### WHAT YOU NEED TO DO
If a line in the listing below includes the string "name", pull it out.
━━━━━ DATA EXTRACT ━━━━━
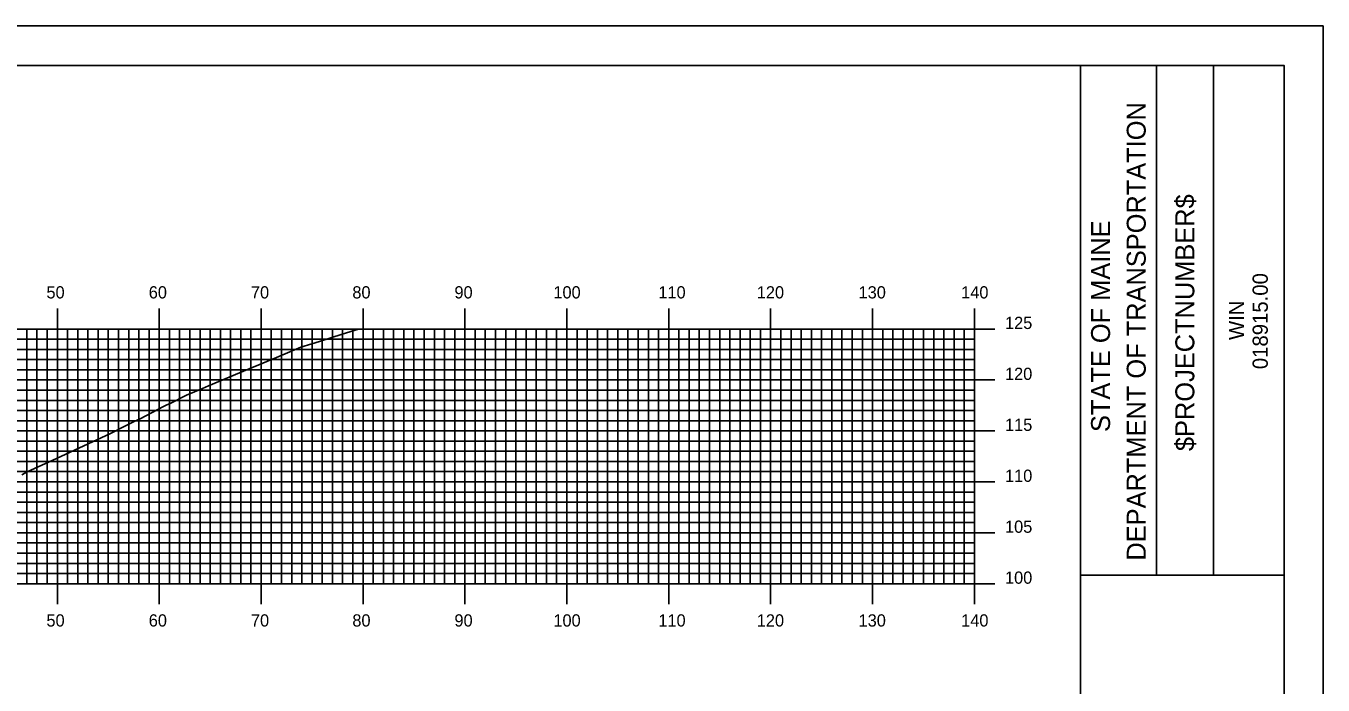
# Model space of a CAD drawing. Extents: x 1685192 to 1685536, y 461260 to 461480.
# Drawn here: x 1685405.1 to 1685532.4, y 461415.3 to 461480 of the extents above; entities that cross this region are included whole.
import ezdxf

# ---------------------------------------------------------------- set-up
doc = ezdxf.new("R2010")
doc.units = 0
for name, color, linetype in [('BORDER', 7, 'Continuous'), ('H_V ANNOTATION', 7, 'Continuous'), ('MAJOR', 7, 'Continuous'), ('MINOR', 7, 'Continuous'), ('PLOT BOUNDARY', 7, 'Continuous'), ('S_Roadway_Centerline', 7, 'Continuous')]:
    doc.layers.add(name, color=color, linetype=linetype)

msp = doc.modelspace()

# ---------------------------------------------------------------- linework, layer by layer
at = {"layer": 'BORDER'}
for p, q in [((1685508.63, 461266.07), (1685508.63, 461476.07)), ((1685516.09, 461426.07), (1685516.09, 461476.07)), ((1685521.68, 461426.07), (1685521.68, 461476.07)), ((1685508.63, 461426.06), (1685528.63, 461426.06))]:
    msp.add_line(p, q, dxfattribs=at)
msp.add_lwpolyline([(1685208.63, 461266.07), (1685528.63, 461266.07), (1685528.63, 461476.07), (1685208.63, 461476.07)], close=True, dxfattribs=at)
at = {"layer": 'MAJOR'}
for p, q in [((1685408.23, 461452.21), (1685408.23, 461450.21)), ((1685418.23, 461452.21), (1685418.23, 461450.21)), ((1685428.23, 461452.21), (1685428.23, 461450.21)), ((1685438.23, 461452.21), (1685438.23, 461450.21)), ((1685448.23, 461452.21), (1685448.23, 461450.21)), ((1685458.23, 461452.21), (1685458.23, 461450.21)), ((1685468.23, 461452.21), (1685468.23, 461450.21)), ((1685478.23, 461452.21), (1685478.23, 461450.21)), ((1685488.23, 461452.21), (1685488.23, 461450.21)), ((1685498.23, 461452.21), (1685498.23, 461450.21)), ((1685218.23, 461450.21), (1685498.23, 461450.21)), ((1685218.23, 461450.21), (1685498.23, 461450.21)), ((1685408.23, 461425.21), (1685408.23, 461450.21)), ((1685418.23, 461425.21), (1685418.23, 461450.21)), ((1685428.23, 461425.21), (1685428.23, 461450.21)), ((1685438.23, 461425.21), (1685438.23, 461450.21)), ((1685448.23, 461425.21), (1685448.23, 461450.21)), ((1685458.23, 461425.21), (1685458.23, 461450.21)), ((1685468.23, 461425.21), (1685468.23, 461450.21)), ((1685478.23, 461425.21), (1685478.23, 461450.21)), ((1685488.23, 461425.21), (1685488.23, 461450.21)), ((1685500.23, 461450.21), (1685496.23, 461450.21)), ((1685498.23, 461425.21), (1685498.23, 461450.21)), ((1685498.23, 461425.21), (1685498.23, 461450.21)), ((1685218.23, 461445.21), (1685498.23, 461445.21)), ((1685500.23, 461445.21), (1685496.23, 461445.21)), ((1685218.23, 461440.21), (1685498.23, 461440.21)), ((1685500.23, 461440.21), (1685496.23, 461440.21)), ((1685218.23, 461435.21), (1685498.23, 461435.21)), ((1685500.23, 461435.21), (1685496.23, 461435.21)), ((1685218.23, 461430.21), (1685498.23, 461430.21)), ((1685500.23, 461430.21), (1685496.23, 461430.21)), ((1685218.23, 461425.21), (1685498.23, 461425.21)), ((1685218.23, 461425.21), (1685498.23, 461425.21)), ((1685408.23, 461423.2), (1685408.23, 461425.21)), ((1685418.23, 461423.2), (1685418.23, 461425.21)), ((1685428.23, 461423.2), (1685428.23, 461425.21)), ((1685438.23, 461423.2), (1685438.23, 461425.21)), ((1685448.23, 461423.2), (1685448.23, 461425.21)), ((1685458.23, 461423.2), (1685458.23, 461425.21)), ((1685468.23, 461423.2), (1685468.23, 461425.21)), ((1685478.23, 461423.2), (1685478.23, 461425.21)), ((1685488.23, 461423.2), (1685488.23, 461425.21)), ((1685500.23, 461425.21), (1685496.23, 461425.21)), ((1685498.23, 461423.2), (1685498.23, 461425.21))]:
    msp.add_line(p, q, dxfattribs=at)
at = {"layer": 'MINOR'}
for p, q in [((1685218.23, 461449.21), (1685498.23, 461449.21)), ((1685405.23, 461425.21), (1685405.23, 461450.21)), ((1685406.23, 461425.21), (1685406.23, 461450.21)), ((1685407.23, 461425.21), (1685407.23, 461450.21)), ((1685409.23, 461425.21), (1685409.23, 461450.21)), ((1685410.23, 461425.21), (1685410.23, 461450.21)), ((1685411.23, 461425.21), (1685411.23, 461450.21)), ((1685412.23, 461425.21), (1685412.23, 461450.21)), ((1685413.23, 461425.21), (1685413.23, 461450.21)), ((1685414.23, 461425.21), (1685414.23, 461450.21)), ((1685415.23, 461425.21), (1685415.23, 461450.21)), ((1685416.23, 461425.21), (1685416.23, 461450.21)), ((1685417.23, 461425.21), (1685417.23, 461450.21)), ((1685419.23, 461425.21), (1685419.23, 461450.21)), ((1685420.23, 461425.21), (1685420.23, 461450.21)), ((1685421.23, 461425.21), (1685421.23, 461450.21)), ((1685422.23, 461425.21), (1685422.23, 461450.21)), ((1685423.23, 461425.21), (1685423.23, 461450.21)), ((1685424.23, 461425.21), (1685424.23, 461450.21)), ((1685425.23, 461425.21), (1685425.23, 461450.21)), ((1685426.23, 461425.21), (1685426.23, 461450.21)), ((1685427.23, 461425.21), (1685427.23, 461450.21)), ((1685429.23, 461425.21), (1685429.23, 461450.21)), ((1685430.23, 461425.21), (1685430.23, 461450.21)), ((1685431.23, 461425.21), (1685431.23, 461450.21)), ((1685432.23, 461425.21), (1685432.23, 461450.21)), ((1685433.23, 461425.21), (1685433.23, 461450.21)), ((1685434.23, 461425.21), (1685434.23, 461450.21)), ((1685435.23, 461425.21), (1685435.23, 461450.21)), ((1685436.23, 461425.21), (1685436.23, 461450.21)), ((1685437.23, 461425.21), (1685437.23, 461450.21)), ((1685439.23, 461425.21), (1685439.23, 461450.21)), ((1685440.23, 461425.21), (1685440.23, 461450.21)), ((1685441.23, 461425.21), (1685441.23, 461450.21)), ((1685442.23, 461425.21), (1685442.23, 461450.21)), ((1685443.23, 461425.21), (1685443.23, 461450.21)), ((1685444.23, 461425.21), (1685444.23, 461450.21)), ((1685445.23, 461425.21), (1685445.23, 461450.21)), ((1685446.23, 461425.21), (1685446.23, 461450.21)), ((1685447.23, 461425.21), (1685447.23, 461450.21)), ((1685449.23, 461425.21), (1685449.23, 461450.21)), ((1685450.23, 461425.21), (1685450.23, 461450.21)), ((1685451.23, 461425.21), (1685451.23, 461450.21)), ((1685452.23, 461425.21), (1685452.23, 461450.21)), ((1685453.23, 461425.21), (1685453.23, 461450.21)), ((1685454.23, 461425.21), (1685454.23, 461450.21)), ((1685455.23, 461425.21), (1685455.23, 461450.21)), ((1685456.23, 461425.21), (1685456.23, 461450.21)), ((1685457.23, 461425.21), (1685457.23, 461450.21)), ((1685459.23, 461425.21), (1685459.23, 461450.21)), ((1685460.23, 461425.21), (1685460.23, 461450.21)), ((1685461.23, 461425.21), (1685461.23, 461450.21)), ((1685462.23, 461425.21), (1685462.23, 461450.21)), ((1685463.23, 461425.21), (1685463.23, 461450.21)), ((1685464.23, 461425.21), (1685464.23, 461450.21)), ((1685465.23, 461425.21), (1685465.23, 461450.21)), ((1685466.23, 461425.21), (1685466.23, 461450.21)), ((1685467.23, 461425.21), (1685467.23, 461450.21)), ((1685469.23, 461425.21), (1685469.23, 461450.21)), ((1685470.23, 461425.21), (1685470.23, 461450.21)), ((1685471.23, 461425.21), (1685471.23, 461450.21)), ((1685472.23, 461425.21), (1685472.23, 461450.21)), ((1685473.23, 461425.21), (1685473.23, 461450.21)), ((1685474.23, 461425.21), (1685474.23, 461450.21)), ((1685475.23, 461425.21), (1685475.23, 461450.21)), ((1685476.23, 461425.21), (1685476.23, 461450.21)), ((1685477.23, 461425.21), (1685477.23, 461450.21)), ((1685479.23, 461425.21), (1685479.23, 461450.21)), ((1685480.23, 461425.21), (1685480.23, 461450.21)), ((1685481.23, 461425.21), (1685481.23, 461450.21)), ((1685482.23, 461425.21), (1685482.23, 461450.21)), ((1685483.23, 461425.21), (1685483.23, 461450.21)), ((1685484.23, 461425.21), (1685484.23, 461450.21)), ((1685485.23, 461425.21), (1685485.23, 461450.21)), ((1685486.23, 461425.21), (1685486.23, 461450.21)), ((1685487.23, 461425.21), (1685487.23, 461450.21)), ((1685489.23, 461425.21), (1685489.23, 461450.21)), ((1685490.23, 461425.21), (1685490.23, 461450.21)), ((1685491.23, 461425.21), (1685491.23, 461450.21)), ((1685492.23, 461425.21), (1685492.23, 461450.21)), ((1685493.23, 461425.21), (1685493.23, 461450.21)), ((1685494.23, 461425.21), (1685494.23, 461450.21)), ((1685495.23, 461425.21), (1685495.23, 461450.21)), ((1685496.23, 461425.21), (1685496.23, 461450.21)), ((1685498.23, 461449.21), (1685496.23, 461449.21)), ((1685497.23, 461425.21), (1685497.23, 461450.21)), ((1685218.23, 461448.21), (1685498.23, 461448.21)), ((1685498.23, 461448.21), (1685496.23, 461448.21)), ((1685218.23, 461447.21), (1685498.23, 461447.21)), ((1685498.23, 461447.21), (1685496.23, 461447.21)), ((1685218.23, 461446.21), (1685498.23, 461446.21)), ((1685498.23, 461446.21), (1685496.23, 461446.21)), ((1685218.23, 461444.21), (1685498.23, 461444.21)), ((1685498.23, 461444.21), (1685496.23, 461444.21)), ((1685218.23, 461443.21), (1685498.23, 461443.21)), ((1685498.23, 461443.21), (1685496.23, 461443.21)), ((1685218.23, 461442.21), (1685498.23, 461442.21)), ((1685498.23, 461442.21), (1685496.23, 461442.21)), ((1685218.23, 461441.21), (1685498.23, 461441.21)), ((1685498.23, 461441.21), (1685496.23, 461441.21)), ((1685218.23, 461439.21), (1685498.23, 461439.21)), ((1685498.23, 461439.21), (1685496.23, 461439.21)), ((1685218.23, 461438.21), (1685498.23, 461438.21)), ((1685498.23, 461438.21), (1685496.23, 461438.21)), ((1685218.23, 461437.21), (1685498.23, 461437.21)), ((1685498.23, 461437.21), (1685496.23, 461437.21)), ((1685218.23, 461436.21), (1685498.23, 461436.21)), ((1685498.23, 461436.21), (1685496.23, 461436.21)), ((1685218.23, 461434.21), (1685498.23, 461434.21)), ((1685498.23, 461434.21), (1685496.23, 461434.21)), ((1685218.23, 461433.21), (1685498.23, 461433.21)), ((1685498.23, 461433.21), (1685496.23, 461433.21)), ((1685218.23, 461432.21), (1685498.23, 461432.21)), ((1685218.23, 461431.21), (1685498.23, 461431.21)), ((1685498.23, 461432.21), (1685496.23, 461432.21)), ((1685498.23, 461431.21), (1685496.23, 461431.21)), ((1685218.23, 461429.21), (1685498.23, 461429.21)), ((1685498.23, 461429.21), (1685496.23, 461429.21)), ((1685218.23, 461428.21), (1685498.23, 461428.21)), ((1685498.23, 461428.21), (1685496.23, 461428.21)), ((1685218.23, 461427.21), (1685498.23, 461427.21)), ((1685218.23, 461426.21), (1685498.23, 461426.21)), ((1685498.23, 461427.21), (1685496.23, 461427.21)), ((1685498.23, 461426.21), (1685496.23, 461426.21))]:
    msp.add_line(p, q, dxfattribs=at)
at = {"layer": 'PLOT BOUNDARY'}
msp.add_lwpolyline([(1685192.44, 461259.95), (1685532.44, 461259.95), (1685532.44, 461479.95), (1685192.44, 461479.95)], close=True, dxfattribs=at)
at = {"layer": 'S_Roadway_Centerline'}
msp.add_lwpolyline([(1685404.75, 461435.9), (1685405.28, 461436.18), (1685408.14, 461437.5), (1685411.24, 461438.93), (1685413.44, 461439.95), (1685414.86, 461440.67), (1685415.7, 461441.09), (1685416.35, 461441.41), (1685418.66, 461442.59), (1685418.99, 461442.76), (1685419.24, 461442.88), (1685420.89, 461443.72), (1685422.46, 461444.37), (1685423.08, 461444.63), (1685426.1, 461445.9), (1685428.4, 461446.87), (1685429.74, 461447.43), (1685432.13, 461448.43), (1685433.19, 461448.77), (1685433.95, 461449), (1685436.18, 461449.71), (1685437.79, 461450.21)], dxfattribs=at)

# ---------------------------------------------------------------- texts
at = {"layer": 'BORDER'}
for s, height, p in [('DEPARTMENT OF TRANSPORTATION', 1.8635, (1685515.04, 461427.48)), ('$PROJECTNUMBER$', 1.8635, (1685519.81, 461438.23)), ('STATE OF MAINE', 1.8635, (1685511.54, 461440.1)), ('018915.00', 1.491, (1685527.02, 461446.27)), ('WIN', 1.491, (1685524.7, 461449.13))]:
    msp.add_text(s, height=height, rotation=90, dxfattribs=at).set_placement(p)
at = {"layer": 'H_V ANNOTATION'}
for s, p in [('50', (1685407.16, 461453.21)), ('60', (1685417.2, 461453.21)), ('70', (1685427.23, 461453.21)), ('80', (1685437.18, 461453.21)), ('90', (1685447.2, 461453.21)), ('100', (1685456.91, 461453.21)), ('110', (1685467.21, 461453.21)), ('120', (1685476.87, 461453.21)), ('130', (1685486.86, 461453.21)), ('140', (1685496.93, 461453.21)), ('125', (1685501.23, 461450.21)), ('120', (1685501.23, 461445.21)), ('115', (1685501.23, 461440.21)), ('110', (1685501.23, 461435.21)), ('105', (1685501.23, 461430.21)), ('100', (1685501.23, 461425.21)), ('50', (1685407.16, 461421.01)), ('60', (1685417.2, 461421.01)), ('70', (1685427.23, 461421.01)), ('80', (1685437.18, 461421.01)), ('90', (1685447.2, 461421.01)), ('100', (1685456.91, 461421.01)), ('110', (1685467.21, 461421.01)), ('120', (1685476.87, 461421.01)), ('130', (1685486.86, 461421.01)), ('140', (1685496.93, 461421.01))]:
    msp.add_text(s, height=1.2, dxfattribs=at).set_placement(p)

doc.saveas('drawing.dxf')
━━━━━
### YOUR RESPONSE
for name, color, linetype in [('BORDER', 7, 'Continuous'), ('H_V ANNOTATION', 7, 'Continuous'), ('MAJOR', 7, 'Continuous'), ('MINOR', 7, 'Continuous'), ('PLOT BOUNDARY', 7, 'Continuous'), ('S_Roadway_Centerline', 7, 'Continuous')]:
    doc.layers.add(name, color=color, linetype=linetype)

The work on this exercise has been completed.